A New Branch-and-Bound Pruning Framework for $\ell_0$-Regularized Problems
Theo Guyard, Cédric Herzet, Clément Elvira, Ayşe-Nur Arslan
TL;DR
The paper addresses exact sparse learning via Branch-and-Bound for problems of the form $p^\star = \inf_{\mathbf{x}} f(\mathbf{A}\mathbf{x}) + g(\mathbf{x})$ with $g(\mathbf{x}) = \lambda\|\mathbf{x}\|_0 + \sum_i h(x_i)$, where conventional pruning tests rely on costly convex relaxations. It introduces a duality-based pruning strategy that computes a valid lower bound $\tilde{p}^\nu$ without solving relaxations and enables simultaneous testing of multiple regions, reducing overhead. The method relies on Fenchel-Rockafellar duality to form $D^\nu(\mathbf{u})$ and shows how to evaluate dual bounds for all direct successors at $\mathcal{O}(mn)$, with a principled way to propagate pruning across the tree. Numerical experiments on synthetic and real-world datasets show speedups of several orders of magnitude over standard solvers, expanding the tractable set of problems for exact sparse learning and feature selection.
Abstract
We consider the resolution of learning problems involving $\ell_0$-regularization via Branch-and-Bound (BnB) algorithms. These methods explore regions of the feasible space of the problem and check whether they do not contain solutions through "pruning tests". In standard implementations, evaluating a pruning test requires to solve a convex optimization problem, which may result in computational bottlenecks.
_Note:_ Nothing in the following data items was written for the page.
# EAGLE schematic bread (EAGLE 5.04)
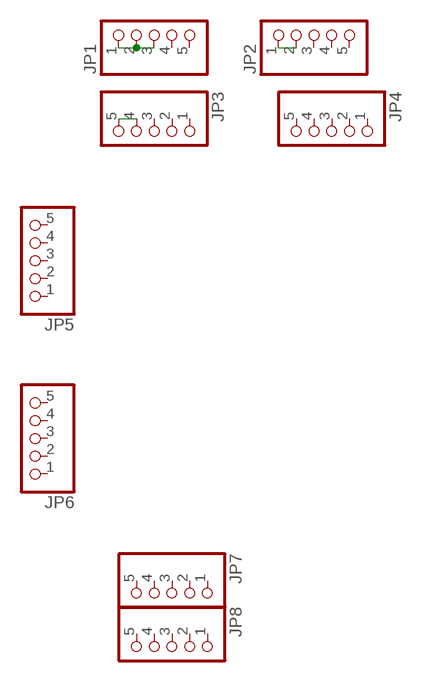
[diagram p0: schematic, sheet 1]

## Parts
JP1  PINHD-1X5  [1X05]
JP2  PINHD-1X5  [1X05]
JP3  PINHD-1X5  [1X05]
JP4  PINHD-1X5  [1X05]
JP5  PINHD-1X5  [1X05]
JP6  PINHD-1X5  [1X05]
JP7  PINHD-1X5  [1X05]
JP8  PINHD-1X5  [1X05]

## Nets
N$1: JP1.1 JP1.2 JP1.3
N$2: JP2.1 JP2.2
N$3: JP3.4 JP3.5
Unconnected: JP1.4 JP1.5 JP2.3 JP2.4 JP2.5 JP3.1 JP3.2 JP3.3 JP4.1 JP4.2 JP4.3 JP4.4 JP4.5 JP5.1 JP5.2 JP5.3 JP5.4 JP5.5 JP6.1 JP6.2 JP6.3 JP6.4 JP6.5 JP7.1 JP7.2 JP7.3 JP7.4 JP7.5 JP8.1 JP8.2 JP8.3 JP8.4 JP8.5

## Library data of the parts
JP1-JP8 = pinhead(2):PINHD-1X5: PIN HEADER
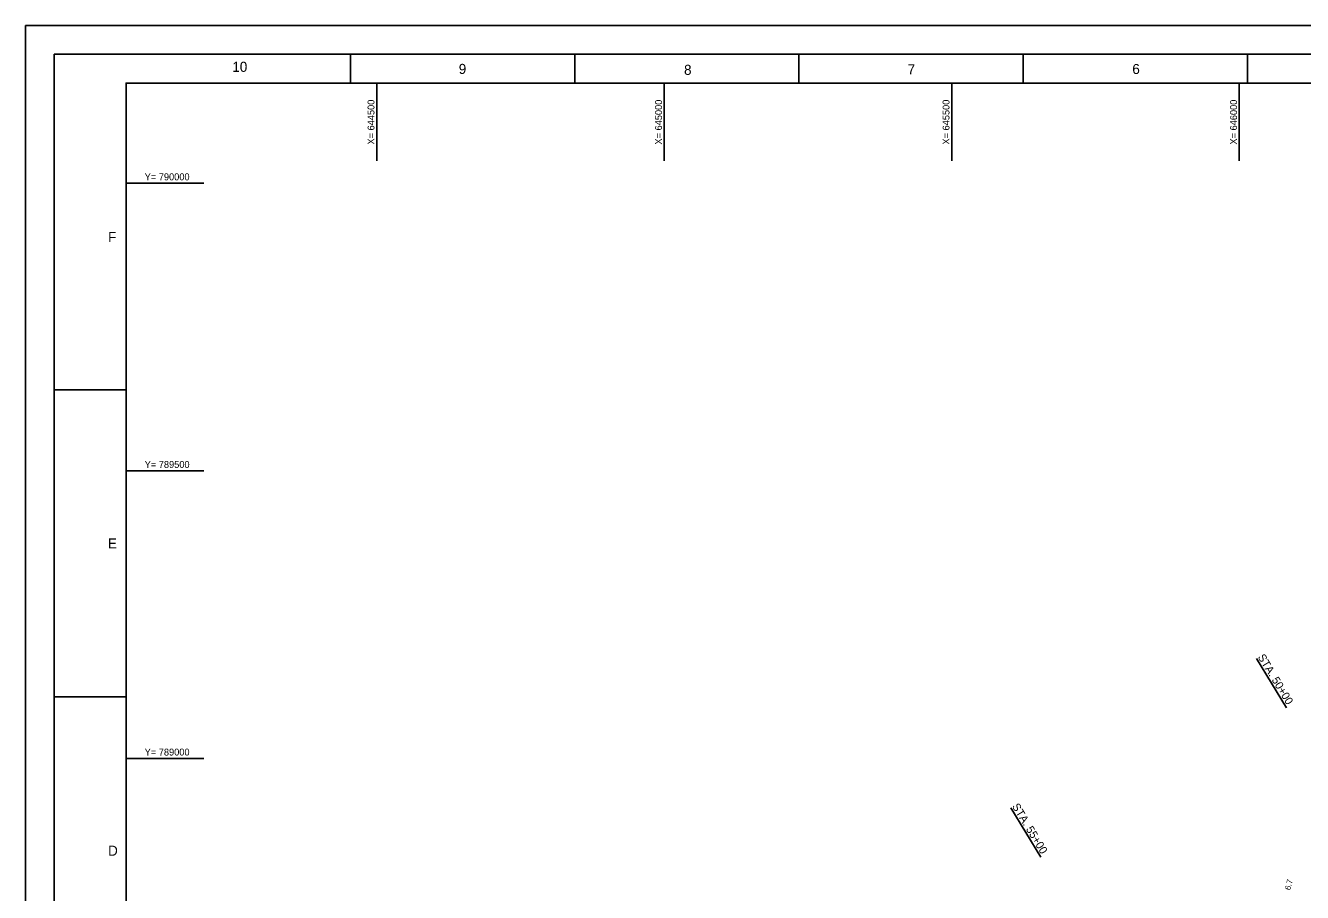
# Model space of a CAD drawing. Extents: x 643889 to 648289, y 786874 to 790274.
# Drawn here: x 643889 to 646110, y 788767 to 790274 of the extents above; entities that cross this region are included whole.
import ezdxf

# ---------------------------------------------------------------- set-up
doc = ezdxf.new("R2010")
doc.units = 0
for name, color, linetype in [('G-ANNO-NPLT', 7, 'Continuous'), ('G-ANNO-TTLB', 7, 'Continuous'), ('V-ALGN-TEXT', 7, 'Continuous'), ('V-TOPO-COOR-STAT', 7, 'Continuous'), ('V-TOPO-SOUN', 7, 'Continuous')]:
    doc.layers.add(name, color=color, linetype=linetype)

msp = doc.modelspace()

# ---------------------------------------------------------------- linework, layer by layer
at = {"layer": 'G-ANNO-NPLT'}
msp.add_lwpolyline([(643889.2, 790274), (648289.2, 790274), (648289.2, 786874), (643889.2, 786874)], close=True, dxfattribs=at)
msp.add_lwpolyline([(643889.2, 790224), (643889.2, 790274), (643939.2, 790274)], dxfattribs=at)
at = {"layer": 'G-ANNO-TTLB'}
for p, q in [((644454.2, 790224), (644454.2, 790174)), ((644844.2, 790224), (644844.2, 790174)), ((644844.2, 790224), (644844.2, 790174)), ((645234.2, 790224), (645234.2, 790174)), ((645624.2, 790224), (645624.2, 790174)), ((646014.2, 790224), (646014.2, 790174)), ((643939.2, 789640.5), (644064.2, 789640.5)), ((643939.2, 789107.2), (644064.2, 789107.2))]:
    msp.add_line(p, q, dxfattribs=at)
for points in [[(643939.2, 786924), (648239.2, 786924), (648239.2, 790224), (643939.2, 790224)], [(648189.2, 790174), (644064.2, 790174), (644064.2, 786974), (648189.2, 786974)]]:
    msp.add_lwpolyline(points, close=True, dxfattribs=at)
at = {"layer": 'V-ALGN-TEXT'}
for p, q in [((646030, 789173.4), (646081.9, 789088)), ((645602.7, 788913.9), (645654.6, 788828.4))]:
    msp.add_line(p, q, dxfattribs=at)
at = {"layer": 'V-TOPO-COOR-STAT'}
for p, q in [((644500, 790039), (644500, 790174)), ((645000, 790039), (645000, 790174)), ((645500, 790039), (645500, 790174)), ((646000, 790039), (646000, 790174)), ((644064.2, 790000), (644199.2, 790000)), ((644064.2, 789500), (644199.2, 789500)), ((644064.2, 789000), (644199.2, 789000))]:
    msp.add_line(p, q, dxfattribs=at)

# ---------------------------------------------------------------- texts
at = {"layer": 'G-ANNO-TTLB'}
for s, p in [('10', (644248.8, 790193.5)), ('9', (644642.6, 790189.9)), ('8', (645034.4, 790188.3)), ('7', (645423.1, 790189)), ('6', (645814, 790189.7)), ('F', (644032.8, 789897.6)), ('E', (644032.6, 789364.9)), ('D', (644032.8, 788830.8))]:
    msp.add_text(s, height=17.5, dxfattribs=at).set_placement(p)
at = {"layer": 'V-ALGN-TEXT'}
for s, p in [('STA. 50+00', (646031.5, 789176.3)), ('STA. 55+00', (645604.2, 788916.8))]:
    msp.add_text(s, height=13.92, rotation=301.2715, dxfattribs=at).set_placement(p)
at = {"layer": 'V-TOPO-COOR-STAT'}
for s, p in [('X= 644500', (644496, 790067.1)), ('X= 645000', (644996, 790067.1)), ('X= 645500', (645496, 790067.1)), ('X= 646000', (645996, 790067.1))]:
    msp.add_text(s, height=12, rotation=90, dxfattribs=at).set_placement(p)
for s, p in [('Y= 790000', (644096.4, 790005)), ('Y= 789500', (644096.4, 789505)), ('Y= 789000', (644096.4, 789005))]:
    msp.add_text(s, height=12, dxfattribs=at).set_placement(p)
at = {"layer": 'V-TOPO-SOUN'}
msp.add_text('6.7', height=10, rotation=76.16, dxfattribs=at).set_placement((646088.7, 788770.3))

doc.saveas('drawing.dxf')

In this paper, we present an alternative to implement pruning tests for some generic family of $\ell_0$-regularized problems. Our proposed procedure allows the simultaneous assessment of several regions and can be embedded in standard BnB implementations with a negligible computational overhead. We show through numerical simulations that our pruning strategy can improve the solving time of BnB procedures by several orders of magnitude for typical problems encountered in machine-learning applications.